▶ **What the task requires**
Across the listing, tally the lines in which the word "spatial" occurs, then report the tally alone.

▶ **Source data**
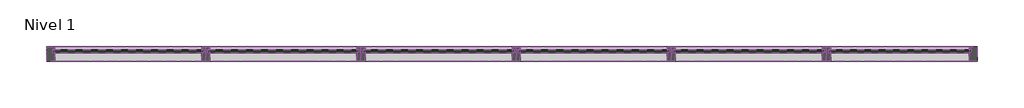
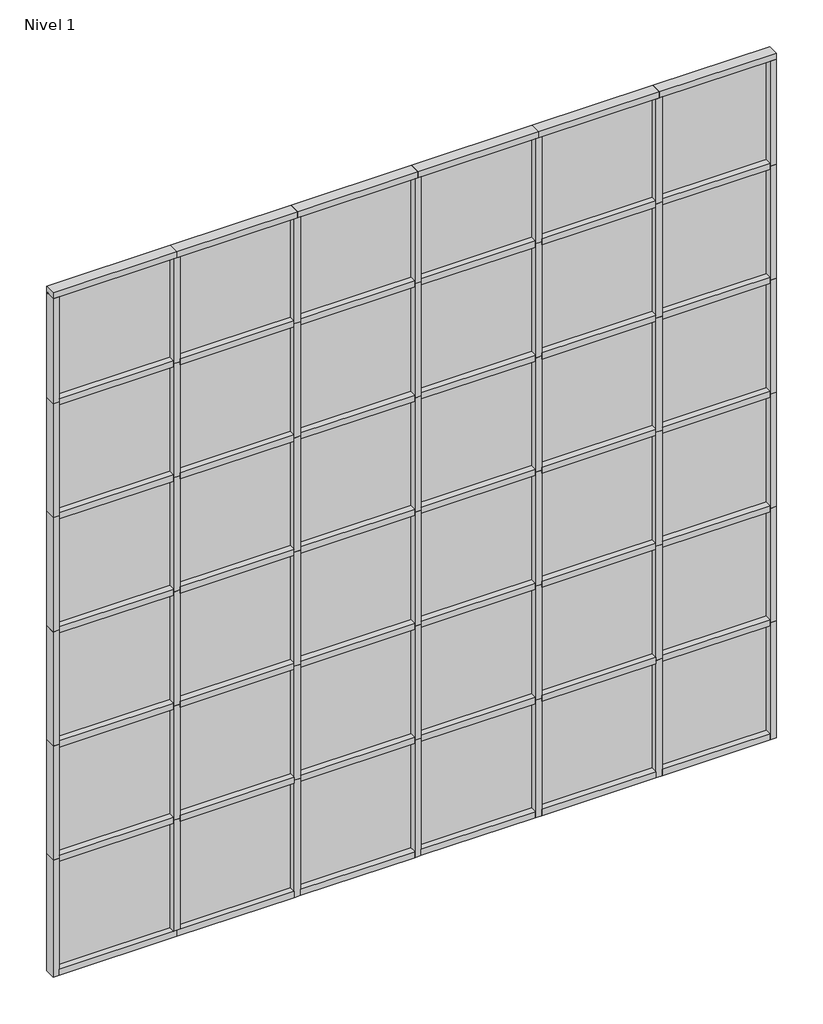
# One storey, part 4 of 6: 84 members, 36 plates.
"""IFC4 building model written with IfcOpenShell, lengths in millimetres."""

from ifc_helpers import new_model, si_unit, origin, place, context, project, spatial, transform, mapped, element, save
from components import montante_rectangular_montante_rectangular_central_30_8_mm_2c331f7a, montante_rectangular_montante_rectangular_central_30_8_mm_c970fd36, montante_rectangular_montante_rectangular_central_30_8_mm_e5800b63, montante_rectangular_montante_rectangular_central_30_8_mm_53c3e57f, montante_rectangular_montante_rectangular_central_30_8_mm_d86f33cf, montante_rectangular_montante_rectangular_central_30_8_mm_2cc1dee6, montante_rectangular_montante_rectangular_extremo_1_30_8_mm_80b4f17c, montante_rectangular_montante_rectangular_extremo_1_30_8_mm_140b2925, montante_rectangular_montante_rectangular_extremo_1_30_8_mm_5074caf2, montante_rectangular_montante_rectangular_extremo_1_30_8_mm_62ab01bd, montante_rectangular_montante_rectangular_extremo_1_30_8_mm_7b62097b, montante_rectangular_montante_rectangular_extremo_1_30_8_mm_4f2bc4b4, plate_e0fb009f, plate_7c9cb06b, plate_31a977c4, plate_dd025fa3

model = new_model("IFC4")

# Units and contexts
model_context = context("Model", 3, world=origin())
ifc_project = project(units=[si_unit("LENGTHUNIT", "METRE", prefix="MILLI")], contexts=[model_context])

# Site, building, storey
site = spatial("IfcSite", under=ifc_project)
building = spatial("IfcBuilding", under=site)
storey = spatial("IfcBuildingStorey", under=building, Name="Nivel 1", Elevation=0.0)

# Members
placement = place(None, origin())
montante_rectangular_montante_rectangular_central_30_8_mm_shape = montante_rectangular_montante_rectangular_central_30_8_mm_2c331f7a(model_context)
element("IfcMember", 1, ObjectType="Montante rectangular : Montante rectangular - Central_30.8 mm", at=placement, inside=storey, context=model_context, shape_type="MappedRepresentation", body=[
    mapped(montante_rectangular_montante_rectangular_central_30_8_mm_shape, transform((-11117.5480244, 4524.4730809, 1540.0), x_axis=(0.0, 0.0, 1.0), y_axis=(0.0, -1.0, 0.0), z_axis=(1.0, 0.0, 0.0))),
])
element("IfcMember", 2, ObjectType="Montante rectangular : Montante rectangular - Central_30.8 mm", at=placement, inside=storey, context=model_context, shape_type="MappedRepresentation", body=[
    mapped(montante_rectangular_montante_rectangular_central_30_8_mm_shape, transform((-9617.5480244, 4524.4730809, 1540.0), x_axis=(0.0, 0.0, 1.0), y_axis=(0.0, -1.0, 0.0), z_axis=(1.0, 0.0, 0.0))),
])
element("IfcMember", 3, ObjectType="Montante rectangular : Montante rectangular - Central_30.8 mm", at=placement, inside=storey, context=model_context, shape_type="MappedRepresentation", body=[
    mapped(montante_rectangular_montante_rectangular_central_30_8_mm_shape, transform((-8117.5480244, 4524.4730809, 1540.0), x_axis=(0.0, 0.0, 1.0), y_axis=(0.0, -1.0, 0.0), z_axis=(1.0, 0.0, 0.0))),
])
element("IfcMember", 4, ObjectType="Montante rectangular : Montante rectangular - Central_30.8 mm", at=placement, inside=storey, context=model_context, shape_type="MappedRepresentation", body=[
    mapped(montante_rectangular_montante_rectangular_central_30_8_mm_shape, transform((-6617.5480244, 4524.4730809, 1540.0), x_axis=(0.0, 0.0, 1.0), y_axis=(0.0, -1.0, 0.0), z_axis=(1.0, 0.0, 0.0))),
])
element("IfcMember", 5, ObjectType="Montante rectangular : Montante rectangular - Central_30.8 mm", at=placement, inside=storey, context=model_context, shape_type="MappedRepresentation", body=[
    mapped(montante_rectangular_montante_rectangular_central_30_8_mm_shape, transform((-5117.5480244, 4524.4730809, 1540.0), x_axis=(0.0, 0.0, 1.0), y_axis=(0.0, -1.0, 0.0), z_axis=(1.0, 0.0, 0.0))),
])
element("IfcMember", 6, ObjectType="Montante rectangular : Montante rectangular - Central_30.8 mm", at=placement, inside=storey, context=model_context, shape_type="MappedRepresentation", body=[
    mapped(montante_rectangular_montante_rectangular_central_30_8_mm_shape, transform((-11117.5480244, 4524.4730809, 3040.0), x_axis=(0.0, 0.0, 1.0), y_axis=(0.0, -1.0, 0.0), z_axis=(1.0, 0.0, 0.0))),
])
element("IfcMember", 7, ObjectType="Montante rectangular : Montante rectangular - Central_30.8 mm", at=placement, inside=storey, context=model_context, shape_type="MappedRepresentation", body=[
    mapped(montante_rectangular_montante_rectangular_central_30_8_mm_shape, transform((-9617.5480244, 4524.4730809, 3040.0), x_axis=(0.0, 0.0, 1.0), y_axis=(0.0, -1.0, 0.0), z_axis=(1.0, 0.0, 0.0))),
])
element("IfcMember", 8, ObjectType="Montante rectangular : Montante rectangular - Central_30.8 mm", at=placement, inside=storey, context=model_context, shape_type="MappedRepresentation", body=[
    mapped(montante_rectangular_montante_rectangular_central_30_8_mm_shape, transform((-8117.5480244, 4524.4730809, 3040.0), x_axis=(0.0, 0.0, 1.0), y_axis=(0.0, -1.0, 0.0), z_axis=(1.0, 0.0, 0.0))),
])
element("IfcMember", 9, ObjectType="Montante rectangular : Montante rectangular - Central_30.8 mm", at=placement, inside=storey, context=model_context, shape_type="MappedRepresentation", body=[
    mapped(montante_rectangular_montante_rectangular_central_30_8_mm_shape, transform((-6617.5480244, 4524.4730809, 3040.0), x_axis=(0.0, 0.0, 1.0), y_axis=(0.0, -1.0, 0.0), z_axis=(1.0, 0.0, 0.0))),
])
element("IfcMember", 10, ObjectType="Montante rectangular : Montante rectangular - Central_30.8 mm", at=placement, inside=storey, context=model_context, shape_type="MappedRepresentation", body=[
    mapped(montante_rectangular_montante_rectangular_central_30_8_mm_shape, transform((-5117.5480244, 4524.4730809, 3040.0), x_axis=(0.0, 0.0, 1.0), y_axis=(0.0, -1.0, 0.0), z_axis=(1.0, 0.0, 0.0))),
])
element("IfcMember", 11, ObjectType="Montante rectangular : Montante rectangular - Central_30.8 mm", at=placement, inside=storey, context=model_context, shape_type="MappedRepresentation", body=[
    mapped(montante_rectangular_montante_rectangular_central_30_8_mm_shape, transform((-11117.5480244, 4524.4730809, 4540.0), x_axis=(0.0, 0.0, 1.0), y_axis=(0.0, -1.0, 0.0), z_axis=(1.0, 0.0, 0.0))),
])
element("IfcMember", 12, ObjectType="Montante rectangular : Montante rectangular - Central_30.8 mm", at=placement, inside=storey, context=model_context, shape_type="MappedRepresentation", body=[
    mapped(montante_rectangular_montante_rectangular_central_30_8_mm_shape, transform((-9617.5480244, 4524.4730809, 4540.0), x_axis=(0.0, 0.0, 1.0), y_axis=(0.0, -1.0, 0.0), z_axis=(1.0, 0.0, 0.0))),
])
element("IfcMember", 13, ObjectType="Montante rectangular : Montante rectangular - Central_30.8 mm", at=placement, inside=storey, context=model_context, shape_type="MappedRepresentation", body=[
    mapped(montante_rectangular_montante_rectangular_central_30_8_mm_shape, transform((-8117.5480244, 4524.4730809, 4540.0), x_axis=(0.0, 0.0, 1.0), y_axis=(0.0, -1.0, 0.0), z_axis=(1.0, 0.0, 0.0))),
])
element("IfcMember", 14, ObjectType="Montante rectangular : Montante rectangular - Central_30.8 mm", at=placement, inside=storey, context=model_context, shape_type="MappedRepresentation", body=[
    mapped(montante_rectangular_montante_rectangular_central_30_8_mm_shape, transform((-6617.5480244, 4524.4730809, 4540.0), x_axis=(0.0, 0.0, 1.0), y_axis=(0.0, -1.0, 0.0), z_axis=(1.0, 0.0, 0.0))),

▶ **Exercise solution**
4